Martinet & Texereau met at the École Nationale Supérieure des Arts Décoratifs in Paris and started working together in 2008. They were still students when they did their first collaboration. Started with a simple idea to draw together in large formats, without revealing their individual actions, they, unknowingly at the time, formed the basis of their joint work 12 years later.

“We’ve always drawn, but when we were young it was in a very instinctive way like all kids do. Our meeting and collaboration helped us intellectualize our practice. Together we started to think about what we wanted to do and why.”

Artist Duo at Work
Having to adjust their individual styles of drawing and create a new style which could accommodate the fact of drawing together, they chose a mechanical pencil as their preferred tool to work with. This simple tool was the key to a successful collaboration: with a mechanical pencil, the line – its thickness – is always the same, no matter who’s holding it.
“Working as a pair has really determined how things developed.”


With precise lines and angles, the artist duo creates poetry of the space within a grayscale drawing: sacred geometry with which they depict ordinary objects, makes the viewer meditate upon the simplicity.
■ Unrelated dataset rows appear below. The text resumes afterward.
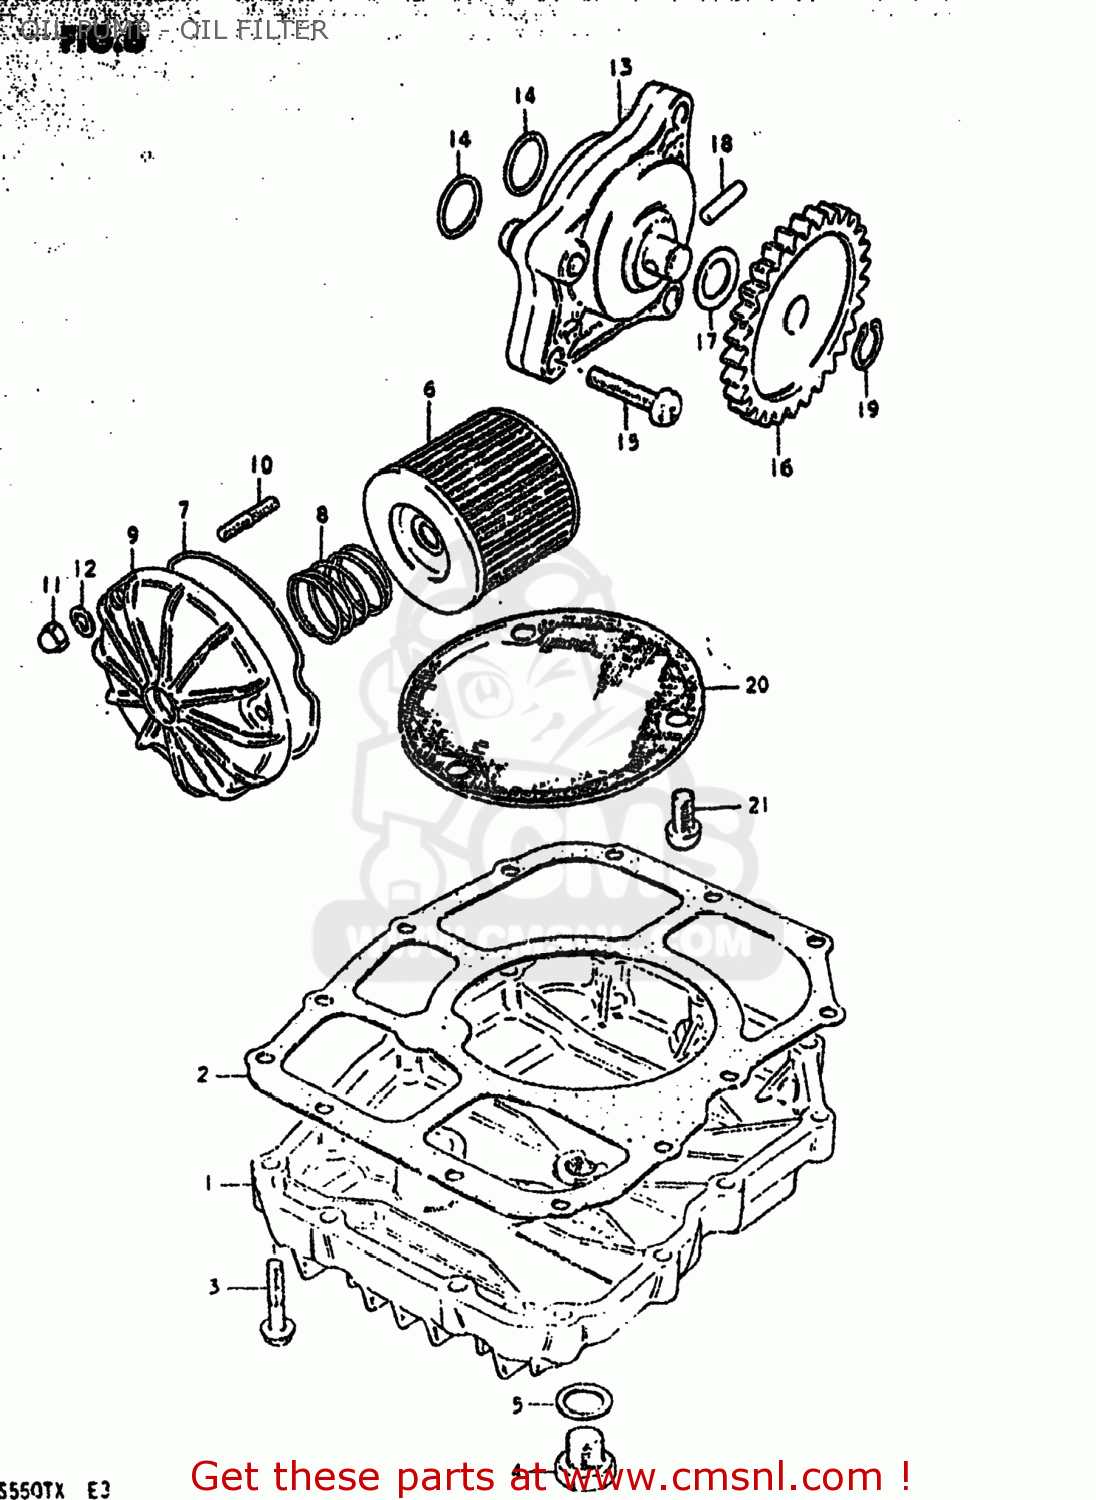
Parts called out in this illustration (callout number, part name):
1	PAN,OIL
2	GASKET,OIL PAN (MCA)
3	BOLT
4	PLUG
5	GASKET(14X19.2X2) (NAS)
6	FILTER ASSY,ENGINE OIL
7	O RING,OIL FILTER CHAMBER CAP
8	SPRING
9	CAP,ENGINE OIL FILTER
10	STUD 6X20
11	NUT
12	WASHER
13	PUMP ASSEMBLY,ENGINE OIL
14	O RING(D:1.9,ID:13)
15	SCREW
16	GEAR,OIL PUMP DRIVEN
17	SHIM
18	PIN(4X15.8)
19	CIRCLIP
20	STRAINER,ENGINE OIL
21	SCREW 6X12
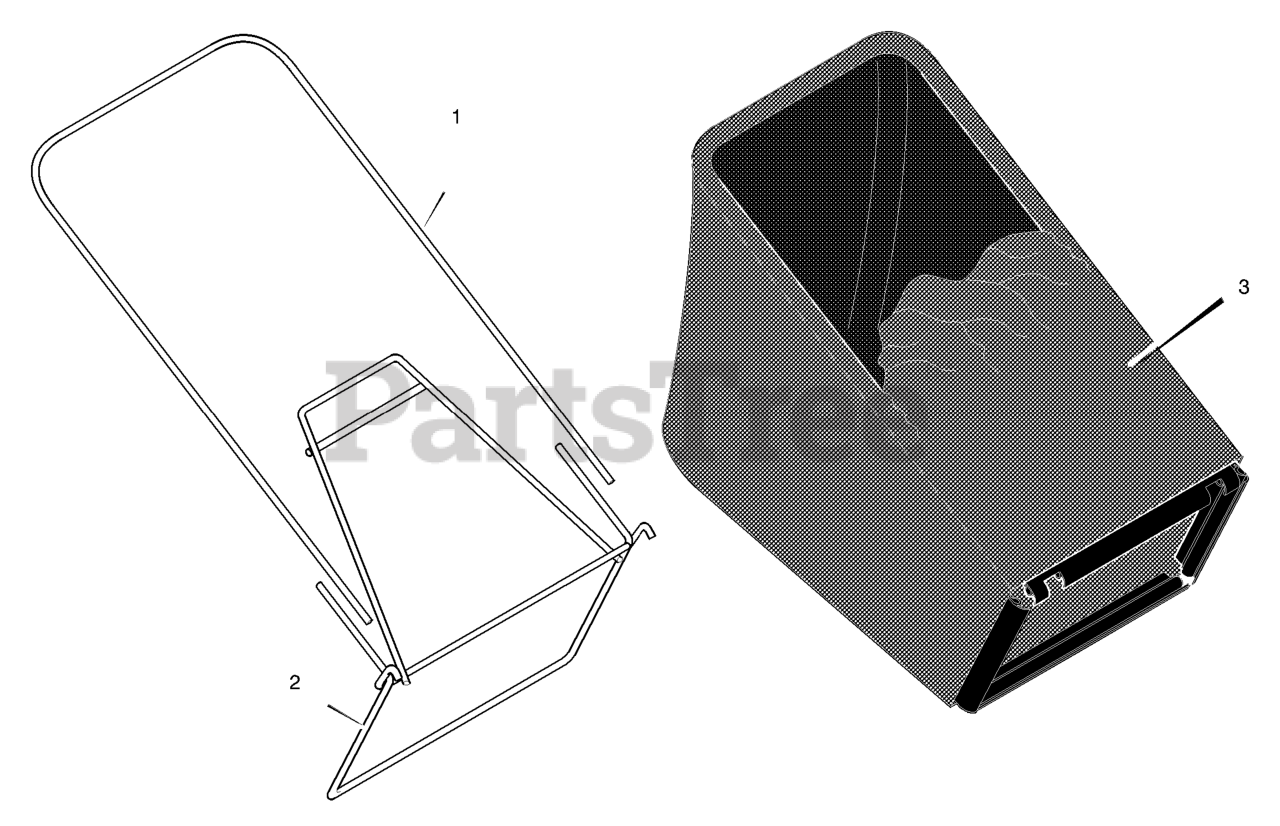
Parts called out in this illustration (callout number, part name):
1	Frame, Top
2	Frame Assembly
3	Bag, Cloth - Black

The elegant dance of light, volumes, and clear lines invokes a sense of nostalgia. The absence of a human subject forces the viewer to get pulled in the space, making them the part of its poetry. Blessed with the opportunity to fill in the absence of an empty space within a drawing, the viewer is fully engaged in the present moment, experiencing the spirituality of meditatively observing the ordinary.

“We think that the amazing can be found in the details of the everyday, which we just have to learn to see. This is exactly what our work does for us, it teaches us to see beauty in ordinary things. We hope that maybe it could work like this for other people, too.”